2nd Skeleton- D' L D2 B' R2 B2 F' L F R F' L' F R' D R' $ D' R D R2 B R D' L D2 L2 D [8/27]
Insert at $ - R' U R D2 R' U' R D2 (Cancels 2 moves)

Final solution - D' L D2 B' R2 B2 F' L F R F' L' F R' D R2 U R D2 R' U' R D R D R2 B R D' L D2 L2 D (33 moves)



So after all three attempts the mean is a 34.33! So it is a sub 35 mean which was my goal but I did not get the single.


----------



## Duncan Bannon (Jun 18, 2018)

@cubeshepherd do you want to have to get both of your goals to count as a 1/3?

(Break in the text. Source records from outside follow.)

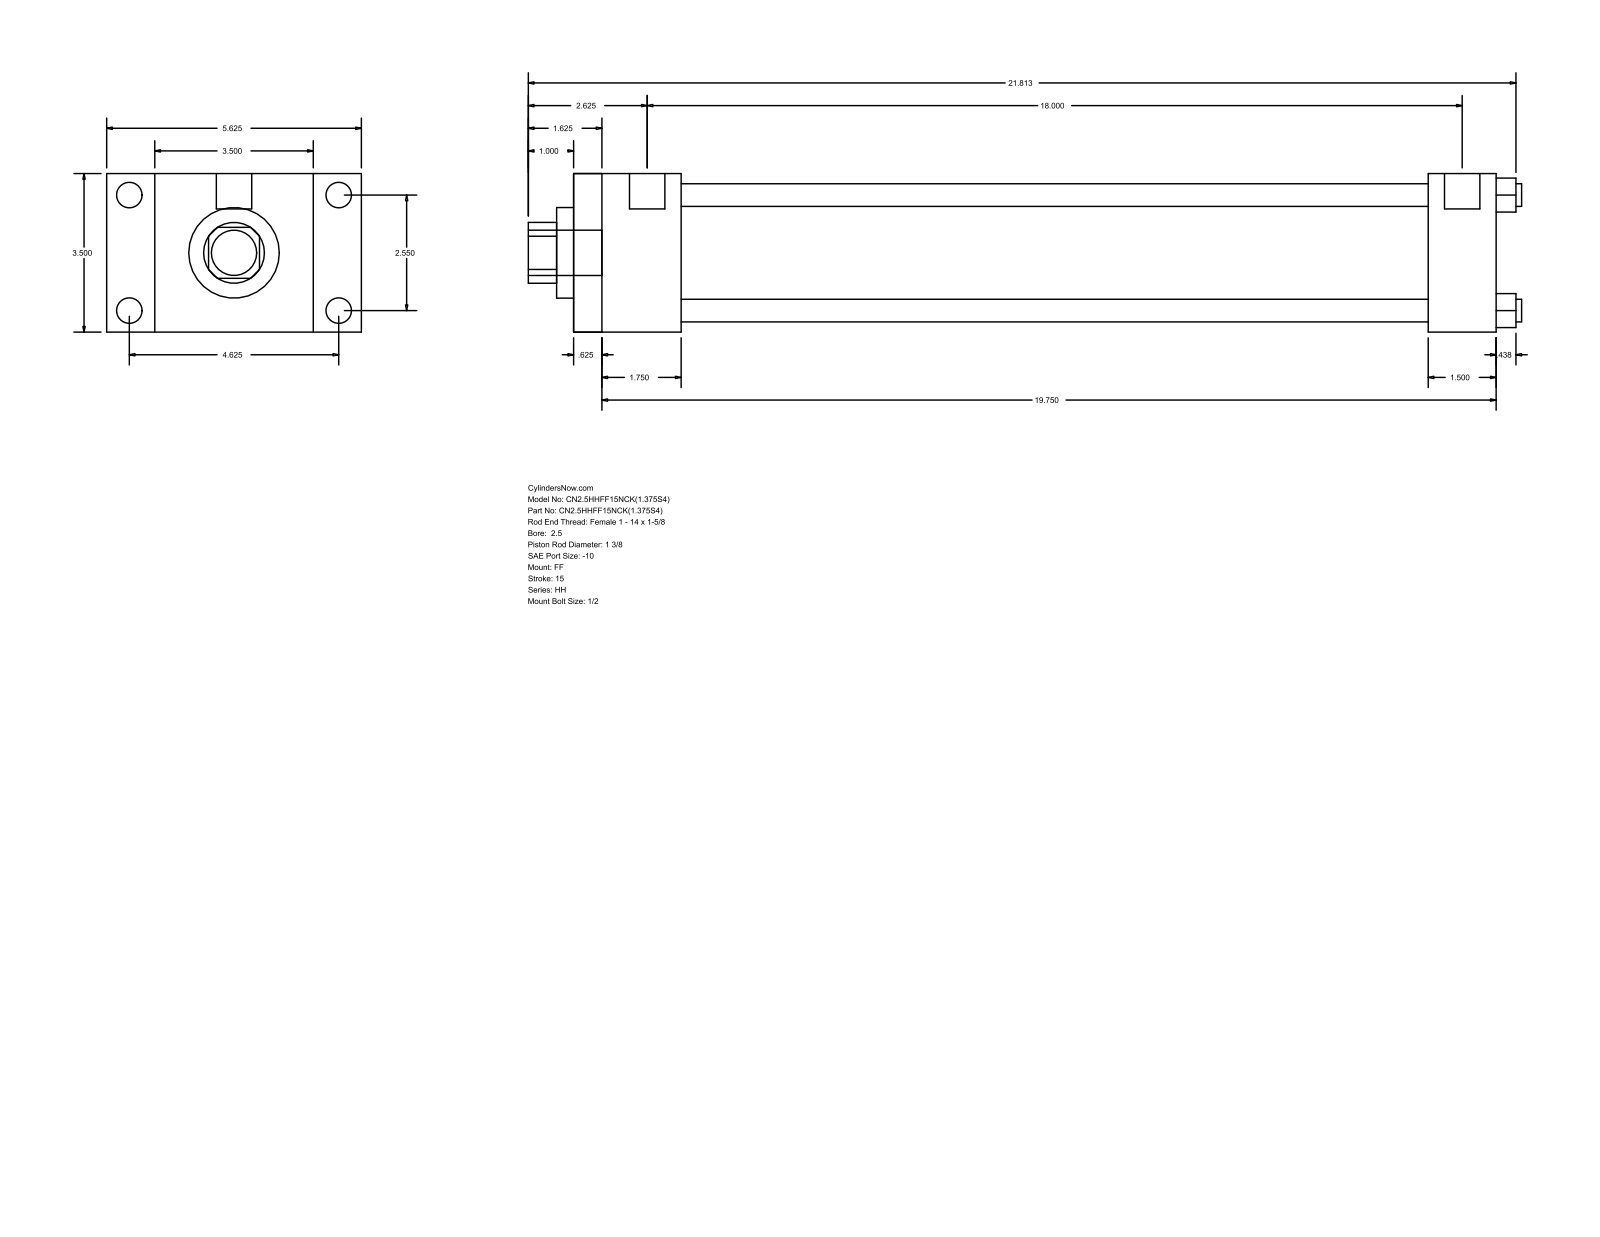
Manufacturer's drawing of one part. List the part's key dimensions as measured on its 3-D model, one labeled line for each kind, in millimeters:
Part name (STEP PRODUCT): HH_FF__0250_1.375
STEP written by: GSSL Pune (CONFIG_CONTROL_DESIGN)
Units: millimetres
Bodies: 0 solids, 92 faces (64 planar, 28 cylindrical, 0 other)
Overall size (bounding box): 557.21 × 142.88 × 88.9
Round holes (diameter × count): ⌀12.7 ×4, ⌀34.92 ×1, ⌀50.8 ×1, ⌀73.03 ×1
Round bosses / shafts (diameter × count): ⌀14.3 ×4, ⌀5.56 ×4, ⌀19.84 ×2, ⌀25.4 ×1
Partial cylindrical surfaces — rounded edges, fillets, slot ends (radius × count): R17.06 ×1
Main face-to-face distances: 88.9, 517.52, 15.87, 501.65, 60.32, 44.45, 457.2, 479.42, 463.55, 419.1
Hole centre spacings: 45.79, 64.76, 91.58
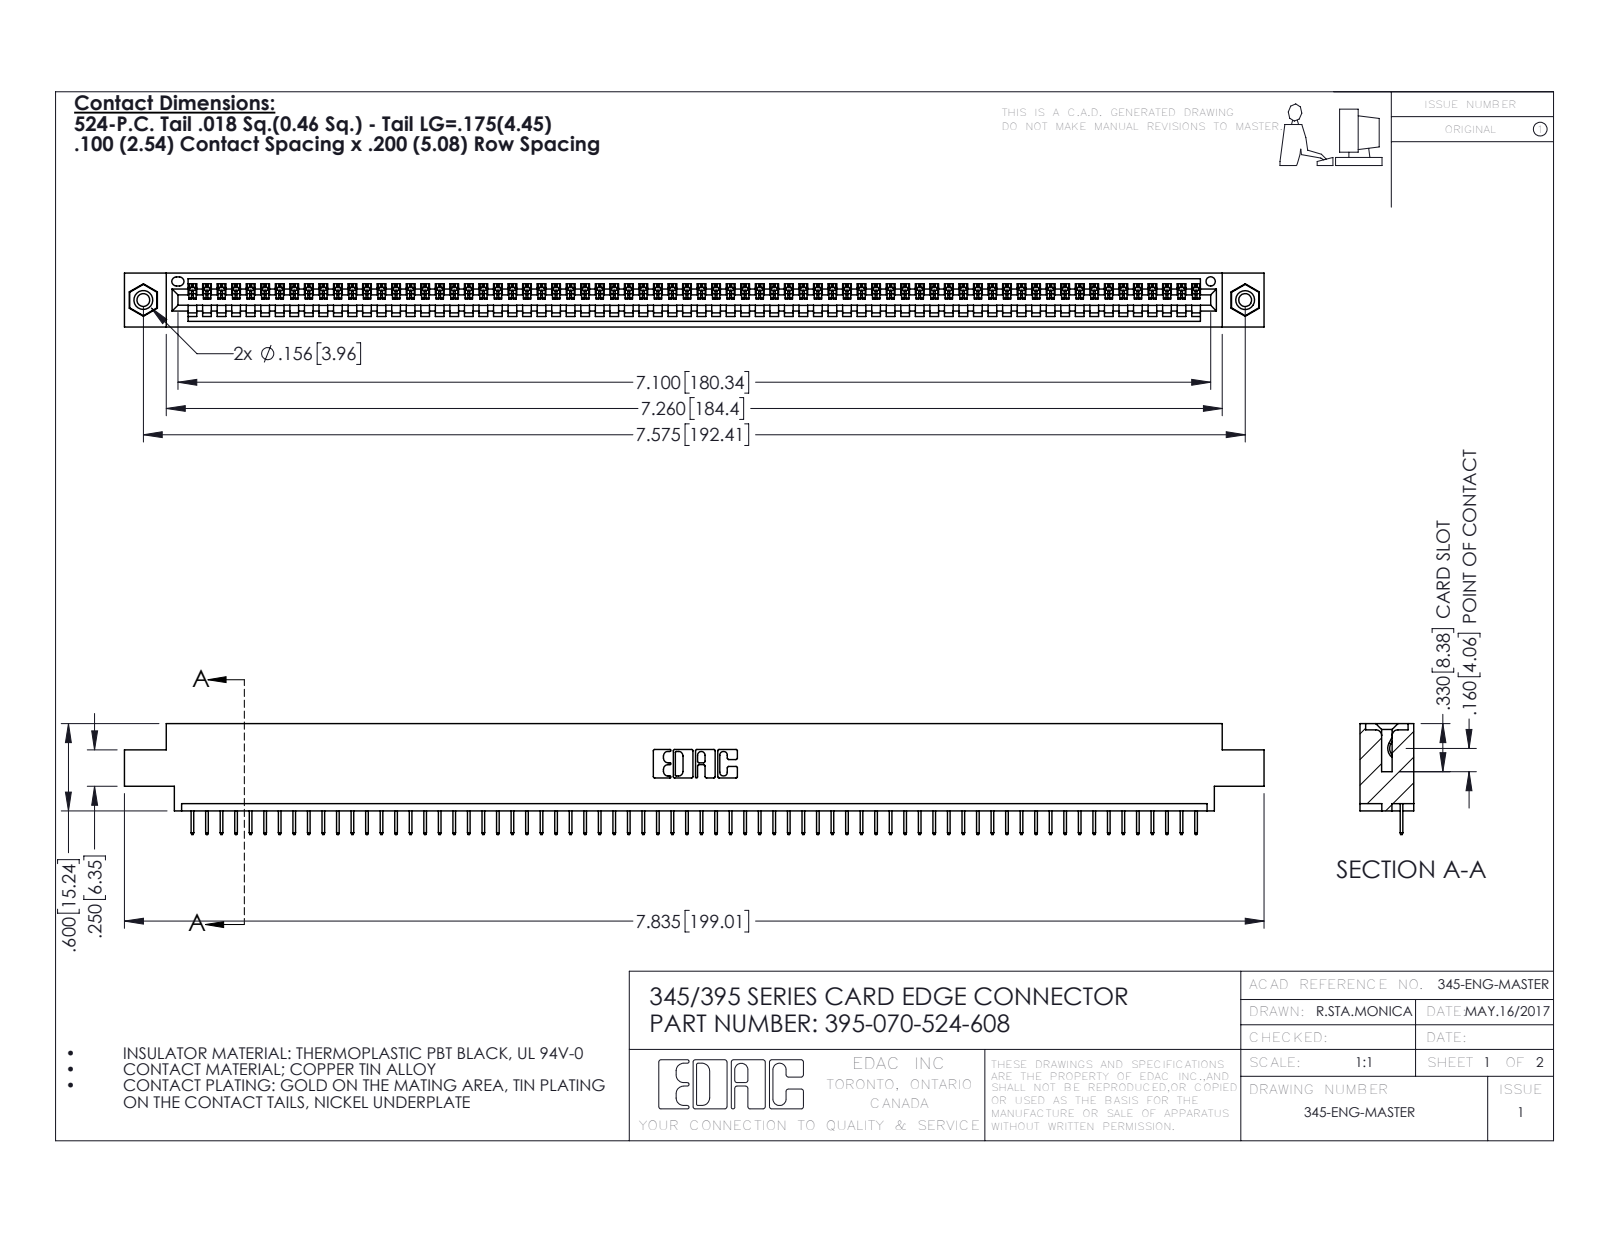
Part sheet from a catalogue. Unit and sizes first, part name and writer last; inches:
Units: inches
Overall size (bounding box): 7.835 × 0.762 × 0.37
Round holes (diameter × count): ⌀0.089 ×2, ⌀0.125 ×2, ⌀0.156 ×2, ⌀0.064 ×1
Round bosses / shafts (diameter × count): ⌀0.155 ×2
Partial cylindrical surfaces — rounded edges, fillets, slot ends (radius × count): R0.006 ×140, R0.01 ×22, R0.007 ×6, R0.031 ×6, R0.026 ×3, R0.031 ×2, R0.04 ×2, R0.014 ×1
Main face-to-face distances: 0.072, 0.298, 0.37, 0.2, 0.098, 0.272, 0.025, 0.225, 0.072, 0.175
Hole centre spacings: 0.27, 7.339, 7.575
Volume: 1.143 in³ · Surface area: 38.04 in²
Bodies: 73 solids, 4530 faces (3336 planar, 1178 cylindrical, 16 other)
Part name (STEP PRODUCT): 395-070-524-608; 345-250-001_345-250-003-102; 345-292-001_345-293-124; 345 Part_0.170 Offset - 0.156 Dia-TI
STEP written by: SolidWorks 2016 (CONFIG_CONTROL_DESIGN)

I will now try to keep this up.

*New rule:
New rule: If you do a Mo3 every week you graduate if you get 3 in a row. Or it takes 5 in a row to graduate if you only do 1 solve a week.(must do first scramble)*
Round 1 Results:
@cubeshepherd - Sub 35 - Mo3 was 34.33 - 1/3

Round 2 Scrambles (1 hour)
1. R' U' F L D2 L2 F B U2 L B' D F U2 B' R2 B' R2 L2 F' L2 U2 R' U' F
2. R' U' F B2 L2 B2 D U R2 U F2 U' R2 B2 R F2 U' B' F' R' U' R2 B' D2 R' U' F
3. R' U' F D2 R2 U' B2 F2 R2 B2 D' U' R2 U' F U R' U' B' F' D2 B2 R' D R' U' F

Round 2 Scrambles (All week)
1. R' U' F U B2 R2 U' L2 R2 U' B2 D2 R2 U B' L' R2 U B' U F2 R' B2 F' R' U' F
2. R' U' F U2 L' U2 L' U R' D2 L' B U B2 D F2 B2 L2 F2 U B2 U2 R2 F R' U' F
3. R' U' F L2 R2 D' U2 L2 R2 B2 L2 D L2 D' L B L U' L' F' U' B2 R F2 R' U' F


----------



## cubeshepherd (Jun 18, 2018)

Duncan Bannon said:


> @cubeshepherd do you want to have to get both of your goals to count as a 1/3?

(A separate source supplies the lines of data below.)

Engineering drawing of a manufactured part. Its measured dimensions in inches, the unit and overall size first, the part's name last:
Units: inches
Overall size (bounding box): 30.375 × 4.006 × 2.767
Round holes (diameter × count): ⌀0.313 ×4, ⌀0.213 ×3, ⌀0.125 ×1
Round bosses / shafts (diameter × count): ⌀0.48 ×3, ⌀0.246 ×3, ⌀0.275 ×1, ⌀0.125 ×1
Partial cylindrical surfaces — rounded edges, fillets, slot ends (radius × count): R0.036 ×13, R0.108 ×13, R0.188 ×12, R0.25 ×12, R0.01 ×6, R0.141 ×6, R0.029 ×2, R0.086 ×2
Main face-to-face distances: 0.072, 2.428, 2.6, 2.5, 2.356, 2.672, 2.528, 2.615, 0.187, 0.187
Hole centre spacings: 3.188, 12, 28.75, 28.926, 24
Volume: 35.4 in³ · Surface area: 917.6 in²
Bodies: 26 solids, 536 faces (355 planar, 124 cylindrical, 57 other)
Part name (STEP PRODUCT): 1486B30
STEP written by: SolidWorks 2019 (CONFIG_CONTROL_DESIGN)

I do not know. I am torn as to know if getting the mean and single should count or just the mean because that shows you where you are averaging, and the single is just there to see if you can get it more for fun/try to get, but if you do not then no big deal. I think that in the end getting the mean is what matters more the both the single and mean, but I really do not care or know what would be the best way to go.

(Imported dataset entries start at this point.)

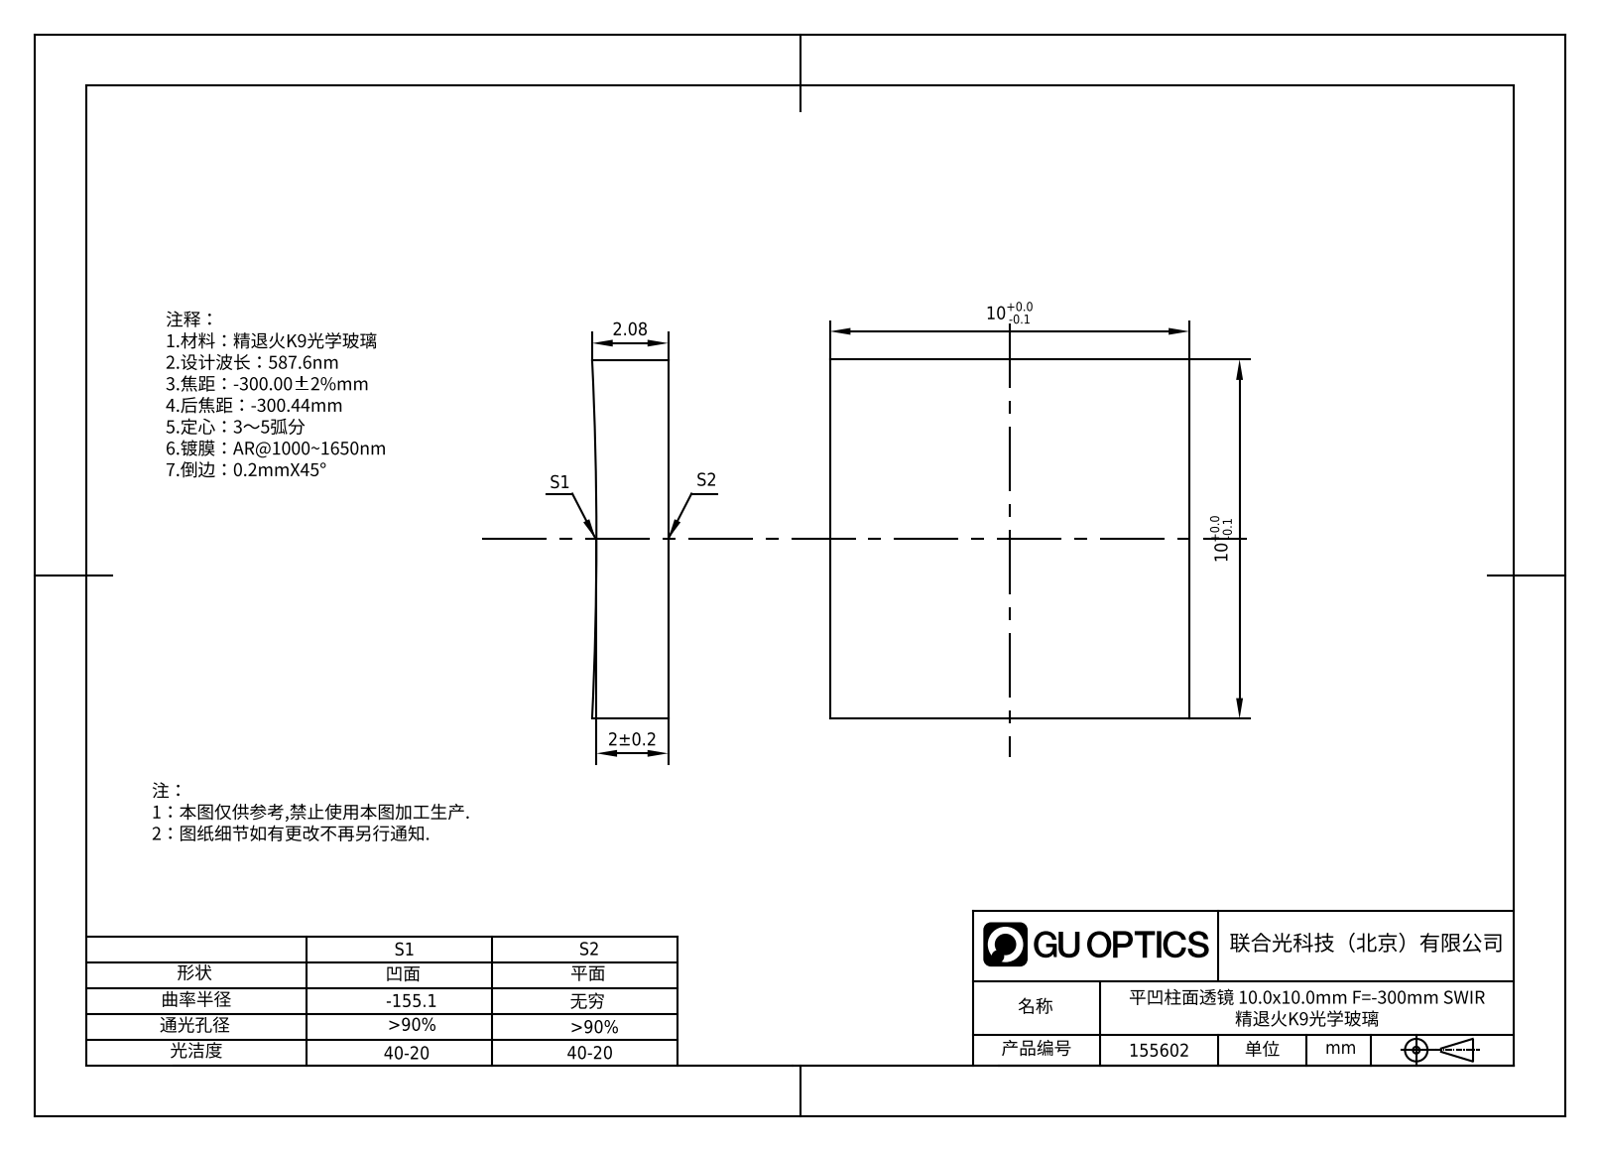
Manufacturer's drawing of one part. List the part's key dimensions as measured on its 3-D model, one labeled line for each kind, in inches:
Part name (STEP PRODUCT): 155572
STEP written by: SolidWorks 2020 (CONFIG_CONTROL_DESIGN)
Units: inches
Bodies: 1 solid, 6 faces (5 planar, 1 cylindrical, 0 other)
Overall size (bounding box): 0.394 × 0.394 × 0.082
Volume: 0.012 in³ · Surface area: 0.437 in²
Partial cylindrical surfaces — rounded edges, fillets, slot ends (radius × count): R6.106 ×1
Main face-to-face distances: 0.394

What are your thoughts on that?


----------



## Duncan Bannon (Jun 18, 2018)

Yup, I agree. I would say just the mean, but because you said that, I figured I would ask. Ill count it as 1/3


----------



## cubeshepherd (Jun 18, 2018)

Duncan Bannon said:


> Yup, I agree. I would say just the mean, but because you said that, I figured I would ask. Ill count it as 1/3


Cool and thank for asking. I will try to get the first scramble done today...not that anyone really cares


----------